● **Work to be completed**: A single stretch of the material below is to be transcribed exactly, starting at the line with "doc.layers.add(name, color=color, linetype=linetype)" and ending after the line with "blk = doc.blocks.new('*D688')".
::: Data for this exercise
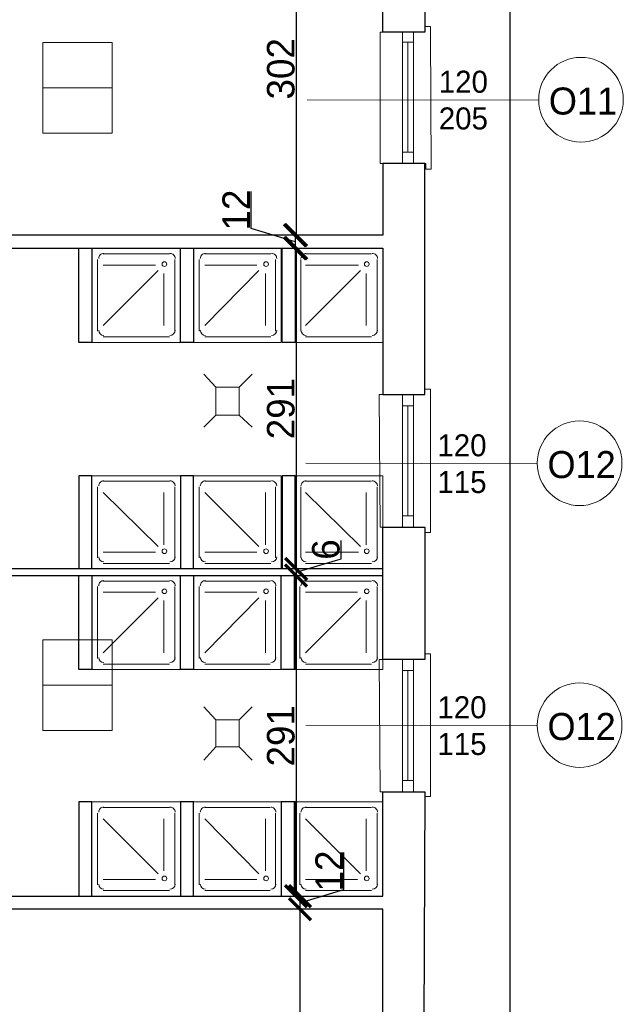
# Model space of a CAD drawing. Header units: centimetres. Extents: x -17621 to 77377, y -18613 to 66.
# Tile 73 of 173: x 9821 to 10369, y -7841 to -6947. Entities that reach past the tile are written whole.
import ezdxf

# ---------------------------------------------------------------- set-up
doc = ezdxf.new("R2010")
doc.units = ezdxf.units.CM
doc.layers.add('0-wymiarowanie rys.CAD', color=5, linetype='Continuous', lineweight=0, true_color=0x0000ff)
for name, color, linetype, lineweight in [('a_drzwi i okna', 2, 'Continuous', 0), ('a_inwentaryzacja', 141, 'Continuous', 0), ('a_wymiarowanie', 211, 'Continuous', 0), ('pomieszczenia', 191, 'Continuous', 5)]:
    doc.layers.add(name, color=color, linetype=linetype, lineweight=lineweight)
for name, color, linetype in [('PDF2_A220 ŚCIANY WEWNĘTRZNE', 7, 'Continuous'), ('PDF2_A310 STOLARKA ZEWNĘTRZNA', 7, 'Continuous'), ('PDF2_A720 MEBLE', 7, 'Continuous'), ('PDF2_WYPOSAŻENIE', 7, 'Continuous')]:
    doc.layers.add(name, color=color, linetype=linetype)
doc.styles.add('PDF Century Gothic', font='GOTHIC.TTF')
doc.dimstyles.new('ISO-25', dxfattribs={"dimtxt": 25, "dimasz": 20, "dimexe": 0.6, "dimexo": 0.375, "dimtad": 1, "dimdec": 0, "dimtxsty": 'PDF Century Gothic', "dimblk": 'ARCHTICK', "dimcen": 2.5, "dimadec": 1, "dimazin": 0, "dimtfac": 1, "dimtdec": 0, "dimtmove": 0, "dimatfit": 3, "dimldrblk": 'ARCHTICK', "dimfxl": 2, "dimfxlon": 1, "dimarcsym": 0})

# ---------------------------------------------------------------- blocks, each defined once
blk = doc.blocks.new('_ArchTick')
at = {"color": 0, "linetype": 'ByBlock', "const_width": 0.15}
blk.add_lwpolyline([(-0.5, -0.5), (0.5, 0.5)], dxfattribs=at)
blk = doc.blocks.new('*D688')
at = {"layer": 'a_wymiarowanie', "color": 0, "linetype": 'Continuous', "lineweight": -2, "transparency": 16777216}
for p, q in [((10072.02, -6840.44), (10072.62, -6840.44)), ((10072.02, -6840.44), (10072.02, -7142.7)), ((10071.28, -7142.7), (10072.62, -7142.7))]:
    blk.add_line(p, q, dxfattribs=at)
at = {"layer": 'Defpoints', "color": 0, "linetype": 'Continuous', "transparency": 16777216}
for p in [(10071.85, -6840.44), (10070.9, -7142.7), (10072.02, -7142.7)]:
    blk.add_point(p, dxfattribs=at)
at = {"layer": 'a_wymiarowanie', "color": 0, "linetype": 'Continuous', "lineweight": -2, "transparency": 16777216, "xscale": 20, "yscale": 20, "zscale": 20}
for p, rotation in [((10072.02, -6840.44), 90), ((10072.02, -7142.7), 270)]:
    blk.add_blockref('_ArchTick', p, dxfattribs=dict(at, rotation=rotation))
at = {"layer": 'a_wymiarowanie', "color": 0, "linetype": 'Continuous', "lineweight": 0, "transparency": 16777216, "insert": (10058.26, -6991.57), "char_height": 25, "attachment_point": 5, "rotation": 90, "style": 'PDF Century Gothic'}
blk.add_mtext('302', dxfattribs=at)
blk = doc.blocks.new('*D689')
at = {"layer": 'a_wymiarowanie', "color": 0, "linetype": 'Continuous', "lineweight": -2, "transparency": 16777216}
for p, q in [((10031.09, -7136.63), (10031.09, -7103.02)), ((10071.07, -7148.63), (10031.09, -7136.63)), ((10071.07, -7142.7), (10071.67, -7142.7)), ((10071.07, -7142.7), (10071.07, -7154.55)), ((10071.48, -7154.55), (10070.47, -7154.55))]:
    blk.add_line(p, q, dxfattribs=at)
at = {"layer": 'Defpoints', "color": 0, "linetype": 'Continuous', "transparency": 16777216}
for p in [(10070.9, -7142.7), (10071.07, -7154.55), (10071.85, -7154.55)]:
    blk.add_point(p, dxfattribs=at)
at = {"layer": 'a_wymiarowanie', "color": 0, "linetype": 'Continuous', "lineweight": -2, "transparency": 16777216, "xscale": 20, "yscale": 20, "zscale": 20}
for p, rotation in [((10071.07, -7142.7), 90), ((10071.07, -7154.55), 270)]:
    blk.add_blockref('_ArchTick', p, dxfattribs=dict(at, rotation=rotation))
at = {"layer": 'a_wymiarowanie', "color": 0, "linetype": 'Continuous', "lineweight": 0, "transparency": 16777216, "insert": (10017.65, -7119.83), "char_height": 25, "attachment_point": 5, "rotation": 90, "style": 'PDF Century Gothic'}
blk.add_mtext('12', dxfattribs=at)
blk = doc.blocks.new('*D690')
at = {"layer": 'a_wymiarowanie', "color": 0, "linetype": 'Continuous', "lineweight": -2, "transparency": 16777216}
for p, q in [((10072.02, -7154.55), (10072.62, -7154.55)), ((10072.02, -7154.55), (10072.02, -7445.81)), ((10072.02, -7445.81), (10072.62, -7445.81))]:
    blk.add_line(p, q, dxfattribs=at)
at = {"layer": 'Defpoints', "color": 0, "linetype": 'Continuous', "transparency": 16777216}
for p in [(10071.85, -7154.55), (10071.85, -7445.81), (10072.02, -7445.81)]:
    blk.add_point(p, dxfattribs=at)
at = {"layer": 'a_wymiarowanie', "color": 0, "linetype": 'Continuous', "lineweight": -2, "transparency": 16777216, "xscale": 20, "yscale": 20, "zscale": 20}
for p, rotation in [((10072.02, -7154.55), 90), ((10072.02, -7445.81), 270)]:
    blk.add_blockref('_ArchTick', p, dxfattribs=dict(at, rotation=rotation))
at = {"layer": 'a_wymiarowanie', "color": 0, "linetype": 'Continuous', "lineweight": 0, "transparency": 16777216, "insert": (10058.26, -7300.18), "char_height": 25, "attachment_point": 5, "rotation": 90, "style": 'PDF Century Gothic'}
blk.add_mtext('291', dxfattribs=at)
blk = doc.blocks.new('*D691')
at = {"layer": 'a_wymiarowanie', "color": 0, "linetype": 'Continuous', "lineweight": -2, "transparency": 16777216}
for p, q in [((10112.94, -7436.49), (10112.94, -7419.83)), ((10072.02, -7448.77), (10112.94, -7436.49)), ((10072.02, -7445.81), (10072.62, -7445.81)), ((10072.02, -7445.81), (10072.02, -7451.73)), ((10072.02, -7451.73), (10072.62, -7451.73))]:
    blk.add_line(p, q, dxfattribs=at)
at = {"layer": 'Defpoints', "color": 0, "linetype": 'Continuous', "transparency": 16777216}
for p in [(10071.85, -7445.81), (10071.85, -7451.73), (10072.02, -7451.73)]:
    blk.add_point(p, dxfattribs=at)
at = {"layer": 'a_wymiarowanie', "color": 0, "linetype": 'Continuous', "lineweight": -2, "transparency": 16777216, "xscale": 20, "yscale": 20, "zscale": 20}
for p, rotation in [((10072.02, -7445.81), 90), ((10072.02, -7451.73), 270)]:
    blk.add_blockref('_ArchTick', p, dxfattribs=dict(at, rotation=rotation))
at = {"layer": 'a_wymiarowanie', "color": 0, "linetype": 'Continuous', "lineweight": 0, "transparency": 16777216, "insert": (10099.19, -7428.16), "char_height": 25, "attachment_point": 5, "rotation": 90, "style": 'PDF Century Gothic'}
blk.add_mtext('6', dxfattribs=at)
blk = doc.blocks.new('*D692')
at = {"layer": 'a_wymiarowanie', "color": 0, "linetype": 'Continuous', "lineweight": -2, "transparency": 16777216}
for p, q in [((10072.02, -7451.73), (10072.62, -7451.73)), ((10072.02, -7451.73), (10072.02, -7742.98)), ((10070.75, -7742.98), (10072.62, -7742.98))]:
    blk.add_line(p, q, dxfattribs=at)
at = {"layer": 'Defpoints', "color": 0, "linetype": 'Continuous', "transparency": 16777216}
for p in [(10071.85, -7451.73), (10070.38, -7742.98), (10072.02, -7742.98)]:
    blk.add_point(p, dxfattribs=at)
at = {"layer": 'a_wymiarowanie', "color": 0, "linetype": 'Continuous', "lineweight": -2, "transparency": 16777216, "xscale": 20, "yscale": 20, "zscale": 20}
for p, rotation in [((10072.02, -7451.73), 90), ((10072.02, -7742.98), 270)]:
    blk.add_blockref('_ArchTick', p, dxfattribs=dict(at, rotation=rotation))
at = {"layer": 'a_wymiarowanie', "color": 0, "linetype": 'Continuous', "lineweight": 0, "transparency": 16777216, "insert": (10058.26, -7597.36), "char_height": 25, "attachment_point": 5, "rotation": 90, "style": 'PDF Century Gothic'}
blk.add_mtext('291', dxfattribs=at)
blk = doc.blocks.new('*D693')
at = {"layer": 'a_wymiarowanie', "color": 0, "linetype": 'Continuous', "lineweight": -2, "transparency": 16777216}
for p, q in [((10115.48, -7736.92), (10115.48, -7703.31)), ((10073.49, -7742.98), (10076.09, -7742.98)), ((10075.49, -7748.91), (10115.48, -7736.92)), ((10075.49, -7742.98), (10075.49, -7754.84)), ((10075.49, -7754.84), (10076.09, -7754.84))]:
    blk.add_line(p, q, dxfattribs=at)
at = {"layer": 'Defpoints', "color": 0, "linetype": 'Continuous', "transparency": 16777216}
for p in [(10070.38, -7742.98), (10075.33, -7754.84), (10075.49, -7754.84)]:
    blk.add_point(p, dxfattribs=at)
at = {"layer": 'a_wymiarowanie', "color": 0, "linetype": 'Continuous', "lineweight": -2, "transparency": 16777216, "xscale": 20, "yscale": 20, "zscale": 20}
for p, rotation in [((10075.49, -7742.98), 90), ((10075.49, -7754.84), 270)]:
    blk.add_blockref('_ArchTick', p, dxfattribs=dict(at, rotation=rotation))
at = {"layer": 'a_wymiarowanie', "color": 0, "linetype": 'Continuous', "lineweight": 0, "transparency": 16777216, "insert": (10102.04, -7720.11), "char_height": 25, "attachment_point": 5, "rotation": 90, "style": 'PDF Century Gothic'}
blk.add_mtext('12', dxfattribs=at)
blk = doc.blocks.new('*D694')
at = {"layer": 'a_wymiarowanie', "color": 0, "linetype": 'Continuous', "lineweight": -2, "transparency": 16777216}
for p, q in [((10075.49, -7754.84), (10076.09, -7754.84)), ((10075.49, -7754.84), (10075.49, -8057.09)), ((10077.49, -8057.09), (10074.89, -8057.09))]:
    blk.add_line(p, q, dxfattribs=at)
at = {"layer": 'Defpoints', "color": 0, "linetype": 'Continuous', "transparency": 16777216}
for p in [(10075.33, -7754.84), (10075.49, -8057.09), (10101.97, -8057.09)]:
    blk.add_point(p, dxfattribs=at)
at = {"layer": 'a_wymiarowanie', "color": 0, "linetype": 'Continuous', "lineweight": -2, "transparency": 16777216, "xscale": 20, "yscale": 20, "zscale": 20}
for p, rotation in [((10075.49, -7754.84), 90), ((10075.49, -8057.09), 270)]:
    blk.add_blockref('_ArchTick', p, dxfattribs=dict(at, rotation=rotation))
at = {"layer": 'a_wymiarowanie', "color": 0, "linetype": 'Continuous', "lineweight": 0, "transparency": 16777216, "insert": (10061.74, -7905.97), "char_height": 25, "attachment_point": 5, "rotation": 90, "style": 'PDF Century Gothic'}
blk.add_mtext('302', dxfattribs=at)
blk = doc.blocks.new('*D1066')
at = {"layer": '0-wymiarowanie rys.CAD', "color": 0, "linetype": 'Continuous', "lineweight": -2, "transparency": 16777216}
for p, q in [((10264.5, -6538.18), (10267.1, -6538.18)), ((10266.5, -9755.83), (10266.5, -6538.18)), ((10264.5, -9755.83), (10267.1, -9755.83))]:
    blk.add_line(p, q, dxfattribs=at)
at = {"layer": 'Defpoints', "color": 0, "linetype": 'Continuous', "transparency": 16777216}
for p in [(10187.01, -6538.18), (10266.5, -6538.18), (10187.01, -9755.83)]:
    blk.add_point(p, dxfattribs=at)
at = {"layer": '0-wymiarowanie rys.CAD', "color": 0, "linetype": 'Continuous', "lineweight": -2, "transparency": 16777216, "xscale": 20, "yscale": 20, "zscale": 20}
for p, rotation in [((10266.5, -6538.18), 90), ((10266.5, -9755.83), 270)]:
    blk.add_blockref('_ArchTick', p, dxfattribs=dict(at, rotation=rotation))
at = {"layer": '0-wymiarowanie rys.CAD', "color": 0, "linetype": 'Continuous', "transparency": 16777216, "insert": (10252.74, -8147.01), "char_height": 25, "attachment_point": 5, "rotation": 90, "style": 'PDF Century Gothic'}
blk.add_mtext('3218', dxfattribs=at)

msp = doc.modelspace()

# ---------------------------------------------------------------- linework, layer by layer
at = {"layer": 'a_drzwi i okna'}
for p, q in [((10292.34, -7020.18), (10082.17, -7019.65)), ((10291.08, -7350.38), (10080.9, -7349.85)), ((10291.08, -7588.29), (10080.9, -7587.76))]:
    msp.add_line(p, q, dxfattribs=at)
for centre in [(10330.77, -7019.61), (10329.51, -7349.8), (10329.51, -7587.72)]:
    msp.add_circle(centre, 38.43, dxfattribs=at)
at = {"layer": 'a_inwentaryzacja', "lineweight": 25}
for points in [[(10188.91, -6958.13), (10150.81, -6958.13), (10150.81, -6840.44), (9581.07, -6840.44), (9581.07, -7142.7), (9581.23, -7142.7), (9581.23, -7186.55), (9517.57, -7186.55), (9517.57, -7217.21), (9505.71, -7217.21), (9505.71, -7174.69), (9556.51, -7174.69), (9556.51, -6772.71), (9581.07, -6772.71), (9581.07, -6828.59), (10150.81, -6828.59), (10150.81, -6777.79), (10188.91, -6777.79)], [(10188.91, -7077.51), (10150.81, -7077.51), (10150.81, -7142.7), (9667.61, -7142.7), (9667.61, -7154.55), (9700.61, -7154.55), (9700.61, -7242.59), (9706.53, -7242.59), (9706.53, -7154.55), (10150.81, -7154.55), (10150.81, -7287.48), (10188.91, -7287.48)], [(10150.81, -7858.13), (10150.81, -7754.84), (9667.61, -7754.84), (9667.61, -7742.98), (9700.61, -7742.98), (9700.61, -7654.95), (9706.53, -7654.95), (9706.53, -7742.98), (10150.81, -7742.98), (10150.81, -7648.16), (10188.91, -7648.16), (10188.06, -7858.13)]]:
    msp.add_lwpolyline(points, close=True, dxfattribs=at)
for points in [[(10150.81, -7445.81), (9706.53, -7445.81), (9706.53, -7349.25), (9706.53, -7349.29), (9706.53, -7328.97), (9700.61, -7328.97), (9700.61, -7349.31), (9625.03, -7349.31), (9625.03, -7355.21), (9700.61, -7355.21), (9700.61, -7445.81), (9517.57, -7445.81)], [(9517.57, -7451.73), (9700.61, -7451.73), (9700.61, -7541.48), (9625.03, -7541.48), (9625.03, -7548.14), (9700.61, -7548.14), (9700.61, -7568.57), (9706.53, -7568.57), (9706.53, -7547.4), (9706.53, -7541.48), (9706.53, -7451.73), (10150.81, -7451.73)]]:
    msp.add_lwpolyline(points, dxfattribs=at)
at = {"layer": 'PDF2_A220 ŚCIANY WEWNĘTRZNE', "lineweight": 25}
for points in [[(9886.65, -7154.55), (9886.65, -7240.07), (9874.8, -7240.07), (9874.8, -7154.55)], [(9978.94, -7154.55), (9978.94, -7240.07), (9967.08, -7240.07), (9967.08, -7154.55)], [(10071.22, -7154.55), (10071.22, -7240.07), (10059.37, -7240.07), (10059.37, -7154.55)], [(9886.65, -7445.81), (9886.65, -7361.14), (9874.8, -7361.14), (9874.8, -7445.81)], [(9978.94, -7445.81), (9978.94, -7361.14), (9967.08, -7361.14), (9967.08, -7445.81)], [(10071.22, -7445.81), (10071.22, -7361.14), (10059.37, -7361.14), (10059.37, -7445.81)], [(9886.65, -7451.73), (9886.65, -7537.24), (9874.8, -7537.24), (9874.8, -7451.73)], [(9978.94, -7451.73), (9978.94, -7537.24), (9967.08, -7537.24), (9967.08, -7451.73)], [(10071.22, -7451.73), (10071.22, -7537.24), (10058.52, -7537.24), (10058.52, -7451.73)], [(9886.65, -7742.98), (9886.65, -7657.47), (9874.8, -7657.47), (9874.8, -7742.98)], [(9978.94, -7742.98), (9978.94, -7657.47), (9967.08, -7657.47), (9967.08, -7742.98)], [(10071.22, -7742.98), (10071.22, -7657.47), (10058.52, -7657.47), (10058.52, -7742.98)]]:
    msp.add_lwpolyline(points, dxfattribs=at)
msp.add_lwpolyline([(10150.81, -7527.93), (10150.81, -7407.71), (10188.91, -7407.71), (10188.91, -7527.93)], close=True, dxfattribs=at)
at = {"layer": 'PDF2_A310 STOLARKA ZEWNĘTRZNA', "lineweight": 5}
for points in [[(10148.27, -7077.51), (10189.76, -7077.51), (10189.76, -7082.59), (10194.84, -7082.59), (10193.99, -6958.13), (10193.99, -6953.05), (10188.91, -6953.05), (10188.91, -6958.13), (10148.27, -6958.13)], [(10168.59, -7077.51), (10168.59, -7067.35), (10168.59, -6967.44), (10168.59, -6958.13), (10178.75, -6958.13), (10178.75, -6967.44), (10178.75, -7067.35), (10178.75, -7077.51)], [(10148.27, -7407.71), (10188.91, -7407.71), (10188.91, -7412.79), (10193.99, -7412.79), (10193.99, -7287.48), (10193.99, -7282.4), (10188.91, -7282.4), (10188.91, -7287.48), (10147.42, -7287.48)], [(10168.59, -7407.71), (10168.59, -7397.55), (10168.59, -7297.64), (10168.59, -7287.48), (10178.75, -7287.48), (10178.75, -7297.64), (10178.75, -7397.55), (10178.75, -7407.71)], [(10148.27, -7648.16), (10188.91, -7648.16), (10188.91, -7652.39), (10193.99, -7652.39), (10193.99, -7527.93), (10193.99, -7522.85), (10188.91, -7522.85), (10188.91, -7527.93), (10147.42, -7527.93)], [(10168.59, -7648.16), (10168.59, -7638), (10168.59, -7538.09), (10168.59, -7527.93), (10178.75, -7527.93), (10178.75, -7538.09), (10178.75, -7638), (10178.75, -7648.16)]]:
    msp.add_lwpolyline(points, close=True, dxfattribs=at)
for points in [[(10178.75, -6967.44), (10168.59, -6967.44)], [(10173.67, -7067.35), (10173.67, -6967.44)], [(10178.75, -7067.35), (10168.59, -7067.35)], [(10178.75, -7297.64), (10168.59, -7297.64)], [(10173.67, -7397.55), (10173.67, -7297.64)], [(10178.75, -7397.55), (10168.59, -7397.55)], [(10178.75, -7538.09), (10168.59, -7538.09)], [(10173.67, -7638), (10173.67, -7538.09)], [(10178.75, -7638), (10168.59, -7638)]]:
    msp.add_lwpolyline(points, dxfattribs=at)
at = {"layer": 'PDF2_A720 MEBLE', "lineweight": 0}
for points in [[(9967.08, -7154.55), (9967.08, -7240.07), (9886.65, -7240.07), (9886.65, -7154.55)], [(10058.52, -7154.55), (10058.52, -7240.07), (9978.94, -7240.07), (9978.94, -7154.55)], [(10150.81, -7154.55), (10150.81, -7240.07), (10071.22, -7240.07), (10071.22, -7154.55)], [(9967.08, -7445.81), (9967.08, -7361.14), (9886.65, -7361.14), (9886.65, -7445.81)], [(10058.52, -7445.81), (10058.52, -7361.14), (9978.94, -7361.14), (9978.94, -7445.81)], [(10150.81, -7445.81), (10150.81, -7361.14), (10071.22, -7361.14), (10071.22, -7445.81)], [(9967.08, -7451.73), (9967.08, -7537.24), (9886.65, -7537.24), (9886.65, -7451.73)], [(10058.52, -7451.73), (10058.52, -7537.24), (9978.94, -7537.24), (9978.94, -7451.73)], [(10150.81, -7451.73), (10150.81, -7537.24), (10070.38, -7537.24), (10070.38, -7451.73)], [(9967.08, -7742.98), (9967.08, -7657.47), (9886.65, -7657.47), (9886.65, -7742.98)], [(10058.52, -7742.98), (10058.52, -7657.47), (9978.94, -7657.47), (9978.94, -7742.98)], [(10150.81, -7742.98), (10150.81, -7657.47), (10070.38, -7657.47), (10070.38, -7742.98)]]:
    msp.add_lwpolyline(points, close=True, dxfattribs=at)
for points in [[(9896.81, -7159.63), (9956.92, -7159.63)], [(9989.1, -7159.63), (10049.21, -7159.63)], [(10080.54, -7159.63), (10140.65, -7159.63)], [(9891.73, -7229.91), (9891.73, -7164.71)], [(9896.81, -7169.79), (9944.23, -7169.79)], [(9962, -7164.71), (9962, -7229.91)], [(9984.02, -7229.91), (9984.02, -7164.71)], [(9989.1, -7169.79), (10036.51, -7169.79)], [(10053.44, -7164.71), (10053.44, -7229.91)], [(10076.3, -7229.91), (10076.3, -7164.71)], [(10080.54, -7169.79), (10128.8, -7169.79)], [(10145.73, -7164.71), (10145.73, -7229.91)], [(9946.76, -7174.87), (9896.81, -7224.83)], [(9951.84, -7177.41), (9951.84, -7224.83)], [(10038.2, -7174.87), (9989.1, -7224.83)], [(10044.13, -7177.41), (10044.13, -7224.83)], [(10130.49, -7174.87), (10080.54, -7224.83)], [(10135.57, -7177.41), (10135.57, -7224.83)], [(9956.92, -7234.99), (9896.81, -7234.99)], [(10049.21, -7234.99), (9989.1, -7234.99)], [(10140.65, -7234.99), (10080.54, -7234.99)], [(9956.92, -7366.22), (9896.81, -7366.22)], [(10049.21, -7366.22), (9989.1, -7366.22)], [(10140.65, -7366.22), (10080.54, -7366.22)], [(9891.73, -7371.3), (9891.73, -7435.65)], [(9946.76, -7425.49), (9896.81, -7376.38)], [(9951.84, -7423.79), (9951.84, -7376.38)], [(9962, -7435.65), (9962, -7371.3)], [(9984.02, -7371.3), (9984.02, -7435.65)], [(10038.2, -7425.49), (9989.1, -7376.38)], [(10044.13, -7423.79), (10044.13, -7376.38)], [(10053.44, -7435.65), (10053.44, -7371.3)], [(10076.3, -7371.3), (10076.3, -7435.65)], [(10130.49, -7425.49), (10080.54, -7376.38)], [(10135.57, -7423.79), (10135.57, -7376.38)], [(10145.73, -7435.65), (10145.73, -7371.3)], [(9896.81, -7430.57), (9944.23, -7430.57)], [(9989.1, -7430.57), (10036.51, -7430.57)], [(10080.54, -7430.57), (10128.8, -7430.57)], [(9896.81, -7440.73), (9956.92, -7440.73)], [(9989.1, -7440.73), (10049.21, -7440.73)], [(10080.54, -7440.73), (10140.65, -7440.73)], [(9896.81, -7456.81), (9956.92, -7456.81)], [(9989.1, -7456.81), (10048.36, -7456.81)], [(10080.54, -7456.81), (10140.65, -7456.81)], [(9891.73, -7527.08), (9891.73, -7461.89)], [(9896.81, -7466.97), (9944.23, -7466.97)], [(9962, -7461.89), (9962, -7527.08)], [(9984.02, -7527.08), (9984.02, -7461.89)], [(9989.1, -7466.97), (10036.51, -7466.97)], [(10053.44, -7461.89), (10053.44, -7527.08)], [(10075.46, -7527.08), (10075.46, -7461.89)], [(10080.54, -7466.97), (10127.95, -7466.97)], [(10145.73, -7461.89), (10145.73, -7527.08)], [(9946.76, -7472.05), (9896.81, -7522)], [(9951.84, -7474.59), (9951.84, -7522)], [(10038.2, -7472.05), (9989.1, -7522)], [(10044.13, -7474.59), (10044.13, -7522)], [(10130.49, -7472.05), (10080.54, -7522)], [(10135.57, -7474.59), (10135.57, -7522)], [(9956.92, -7532.16), (9896.81, -7532.16)], [(10048.36, -7532.16), (9989.1, -7532.16)], [(10140.65, -7532.16), (10080.54, -7532.16)], [(9956.92, -7662.55), (9896.81, -7662.55)], [(10048.36, -7662.55), (9989.1, -7662.55)], [(10140.65, -7662.55), (10080.54, -7662.55)], [(9891.73, -7667.63), (9891.73, -7732.82)], [(9946.76, -7722.66), (9896.81, -7672.71)], [(9951.84, -7720.12), (9951.84, -7672.71)], [(9962, -7732.82), (9962, -7667.63)], [(9984.02, -7667.63), (9984.02, -7732.82)], [(10038.2, -7722.66), (9989.1, -7672.71)], [(10044.13, -7720.12), (10044.13, -7672.71)], [(10053.44, -7732.82), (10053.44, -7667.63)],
::::::
● **The answer**:
    doc.layers.add(name, color=color, linetype=linetype)
doc.styles.add('PDF Century Gothic', font='GOTHIC.TTF')
doc.dimstyles.new('ISO-25', dxfattribs={"dimtxt": 25, "dimasz": 20, "dimexe": 0.6, "dimexo": 0.375, "dimtad": 1, "dimdec": 0, "dimtxsty": 'PDF Century Gothic', "dimblk": 'ARCHTICK', "dimcen": 2.5, "dimadec": 1, "dimazin": 0, "dimtfac": 1, "dimtdec": 0, "dimtmove": 0, "dimatfit": 3, "dimldrblk": 'ARCHTICK', "dimfxl": 2, "dimfxlon": 1, "dimarcsym": 0})

# ---------------------------------------------------------------- blocks, each defined once
blk = doc.blocks.new('_ArchTick')
at = {"color": 0, "linetype": 'ByBlock', "const_width": 0.15}
blk.add_lwpolyline([(-0.5, -0.5), (0.5, 0.5)], dxfattribs=at)
blk = doc.blocks.new('*D688')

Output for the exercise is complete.